ACTIVITY: Lines before the one containing "#1562 = ORIENTED_EDGE('',*,*,#236,.T.);" are excluded; retype that line and all remaining lines of the material exactly.

DATASET RECORDS:
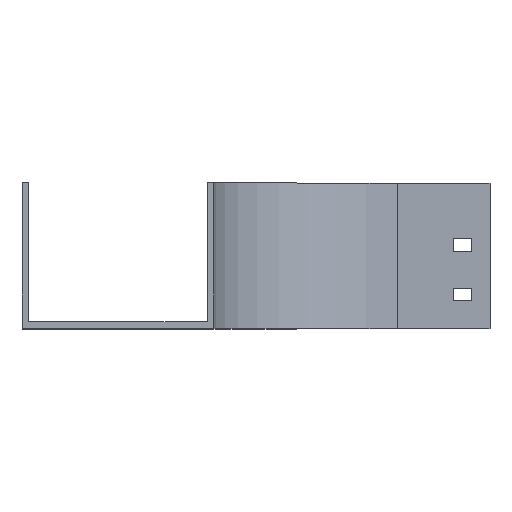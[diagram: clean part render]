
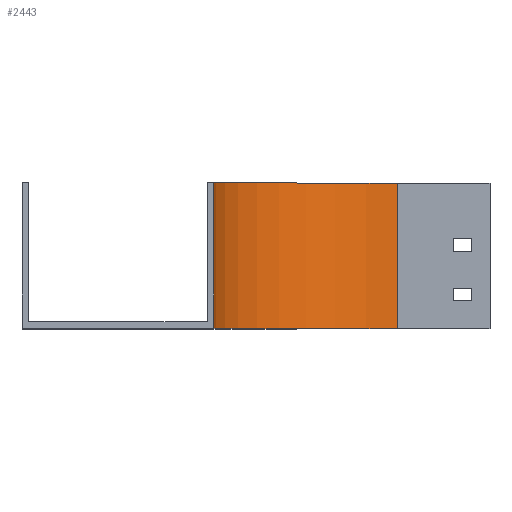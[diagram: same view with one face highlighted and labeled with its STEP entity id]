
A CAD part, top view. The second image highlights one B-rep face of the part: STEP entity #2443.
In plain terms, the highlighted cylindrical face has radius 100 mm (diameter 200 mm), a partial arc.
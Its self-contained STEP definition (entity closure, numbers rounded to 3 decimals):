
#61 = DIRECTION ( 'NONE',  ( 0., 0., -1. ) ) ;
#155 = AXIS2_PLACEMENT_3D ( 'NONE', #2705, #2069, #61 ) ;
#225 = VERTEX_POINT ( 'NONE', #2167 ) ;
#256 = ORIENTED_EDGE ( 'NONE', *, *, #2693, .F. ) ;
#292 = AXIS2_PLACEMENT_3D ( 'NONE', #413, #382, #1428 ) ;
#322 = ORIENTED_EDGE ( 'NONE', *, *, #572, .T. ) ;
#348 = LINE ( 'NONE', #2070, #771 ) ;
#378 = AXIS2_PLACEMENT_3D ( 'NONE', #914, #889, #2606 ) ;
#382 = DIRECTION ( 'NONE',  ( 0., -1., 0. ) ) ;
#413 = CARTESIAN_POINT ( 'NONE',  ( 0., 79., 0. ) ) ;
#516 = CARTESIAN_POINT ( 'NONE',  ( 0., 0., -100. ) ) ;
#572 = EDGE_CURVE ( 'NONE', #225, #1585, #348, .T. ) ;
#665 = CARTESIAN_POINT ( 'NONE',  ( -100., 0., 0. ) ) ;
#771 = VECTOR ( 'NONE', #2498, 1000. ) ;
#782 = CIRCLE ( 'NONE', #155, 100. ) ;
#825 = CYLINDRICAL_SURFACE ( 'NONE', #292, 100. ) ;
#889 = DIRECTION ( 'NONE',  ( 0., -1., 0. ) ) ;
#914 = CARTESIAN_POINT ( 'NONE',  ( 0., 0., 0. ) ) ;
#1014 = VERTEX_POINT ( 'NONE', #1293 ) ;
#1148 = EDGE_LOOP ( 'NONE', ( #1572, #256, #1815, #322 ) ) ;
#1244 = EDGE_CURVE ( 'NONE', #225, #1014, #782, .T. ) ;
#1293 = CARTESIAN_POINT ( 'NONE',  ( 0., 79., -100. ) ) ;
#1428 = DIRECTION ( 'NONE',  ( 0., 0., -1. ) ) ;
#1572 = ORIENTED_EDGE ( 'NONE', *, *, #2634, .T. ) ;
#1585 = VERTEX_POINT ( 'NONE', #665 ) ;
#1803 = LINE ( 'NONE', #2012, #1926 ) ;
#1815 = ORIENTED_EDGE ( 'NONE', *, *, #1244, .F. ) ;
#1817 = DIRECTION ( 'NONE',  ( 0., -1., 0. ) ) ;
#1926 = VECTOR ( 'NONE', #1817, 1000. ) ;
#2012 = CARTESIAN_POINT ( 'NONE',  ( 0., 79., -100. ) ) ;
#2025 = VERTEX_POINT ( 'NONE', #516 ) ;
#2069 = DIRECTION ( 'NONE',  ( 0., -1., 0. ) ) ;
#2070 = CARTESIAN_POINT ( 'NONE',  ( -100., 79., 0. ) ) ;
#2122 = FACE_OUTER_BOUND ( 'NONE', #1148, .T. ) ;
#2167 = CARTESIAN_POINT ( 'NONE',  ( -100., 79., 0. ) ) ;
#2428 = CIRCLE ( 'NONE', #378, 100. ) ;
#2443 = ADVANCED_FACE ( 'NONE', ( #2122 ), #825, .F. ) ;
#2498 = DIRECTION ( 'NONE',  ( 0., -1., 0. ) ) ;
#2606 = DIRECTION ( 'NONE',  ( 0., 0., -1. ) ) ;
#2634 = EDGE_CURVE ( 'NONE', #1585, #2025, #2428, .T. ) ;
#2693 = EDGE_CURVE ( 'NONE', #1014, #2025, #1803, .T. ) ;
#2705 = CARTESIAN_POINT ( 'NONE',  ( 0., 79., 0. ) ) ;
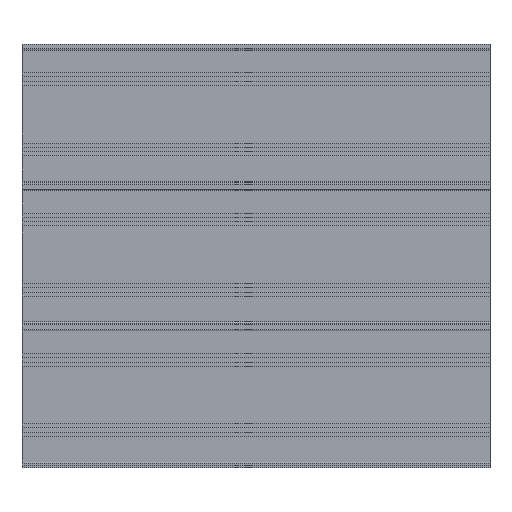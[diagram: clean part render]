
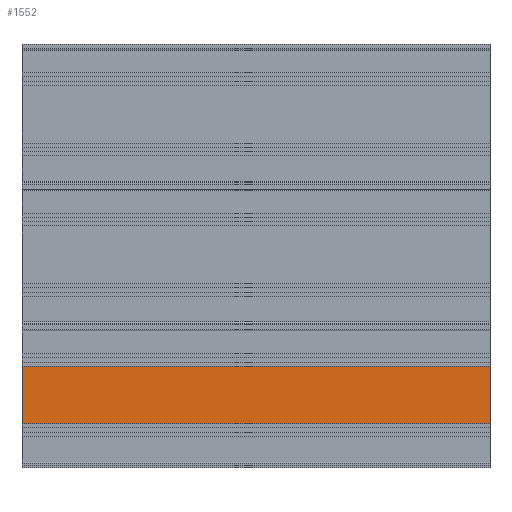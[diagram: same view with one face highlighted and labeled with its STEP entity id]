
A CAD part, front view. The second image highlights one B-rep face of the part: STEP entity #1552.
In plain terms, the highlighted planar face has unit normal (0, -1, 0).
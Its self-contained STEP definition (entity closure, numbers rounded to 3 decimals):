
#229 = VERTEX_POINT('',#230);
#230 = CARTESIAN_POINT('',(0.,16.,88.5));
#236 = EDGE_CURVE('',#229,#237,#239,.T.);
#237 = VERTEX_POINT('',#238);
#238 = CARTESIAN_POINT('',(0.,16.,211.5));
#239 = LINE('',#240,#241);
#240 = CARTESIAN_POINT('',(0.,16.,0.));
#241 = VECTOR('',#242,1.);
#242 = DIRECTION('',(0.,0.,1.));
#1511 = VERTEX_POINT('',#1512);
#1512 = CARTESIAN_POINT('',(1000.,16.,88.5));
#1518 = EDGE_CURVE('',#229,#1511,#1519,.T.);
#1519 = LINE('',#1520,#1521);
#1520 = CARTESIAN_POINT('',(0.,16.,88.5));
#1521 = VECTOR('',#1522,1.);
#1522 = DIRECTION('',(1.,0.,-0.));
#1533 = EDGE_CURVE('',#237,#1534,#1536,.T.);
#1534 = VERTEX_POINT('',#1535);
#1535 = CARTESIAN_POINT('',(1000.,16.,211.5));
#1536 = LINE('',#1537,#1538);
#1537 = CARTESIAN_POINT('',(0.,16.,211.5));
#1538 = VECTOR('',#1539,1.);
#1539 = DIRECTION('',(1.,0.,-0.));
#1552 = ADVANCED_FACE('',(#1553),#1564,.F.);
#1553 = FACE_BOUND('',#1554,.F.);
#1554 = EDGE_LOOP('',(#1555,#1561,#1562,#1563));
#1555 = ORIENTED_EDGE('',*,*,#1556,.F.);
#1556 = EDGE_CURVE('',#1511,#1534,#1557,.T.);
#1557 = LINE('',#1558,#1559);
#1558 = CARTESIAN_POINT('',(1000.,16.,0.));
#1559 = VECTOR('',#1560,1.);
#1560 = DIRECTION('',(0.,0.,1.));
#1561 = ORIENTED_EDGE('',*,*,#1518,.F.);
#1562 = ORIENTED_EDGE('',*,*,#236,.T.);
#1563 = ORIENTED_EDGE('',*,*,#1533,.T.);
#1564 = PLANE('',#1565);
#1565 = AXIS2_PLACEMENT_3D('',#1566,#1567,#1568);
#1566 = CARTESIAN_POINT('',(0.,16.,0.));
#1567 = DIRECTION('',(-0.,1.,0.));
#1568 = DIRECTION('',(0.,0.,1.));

TASK SOLUTION:
#1562 = ORIENTED_EDGE('',*,*,#236,.T.);
#1563 = ORIENTED_EDGE('',*,*,#1533,.T.);
#1564 = PLANE('',#1565);
#1565 = AXIS2_PLACEMENT_3D('',#1566,#1567,#1568);
#1566 = CARTESIAN_POINT('',(0.,16.,0.));
#1567 = DIRECTION('',(-0.,1.,0.));
#1568 = DIRECTION('',(0.,0.,1.));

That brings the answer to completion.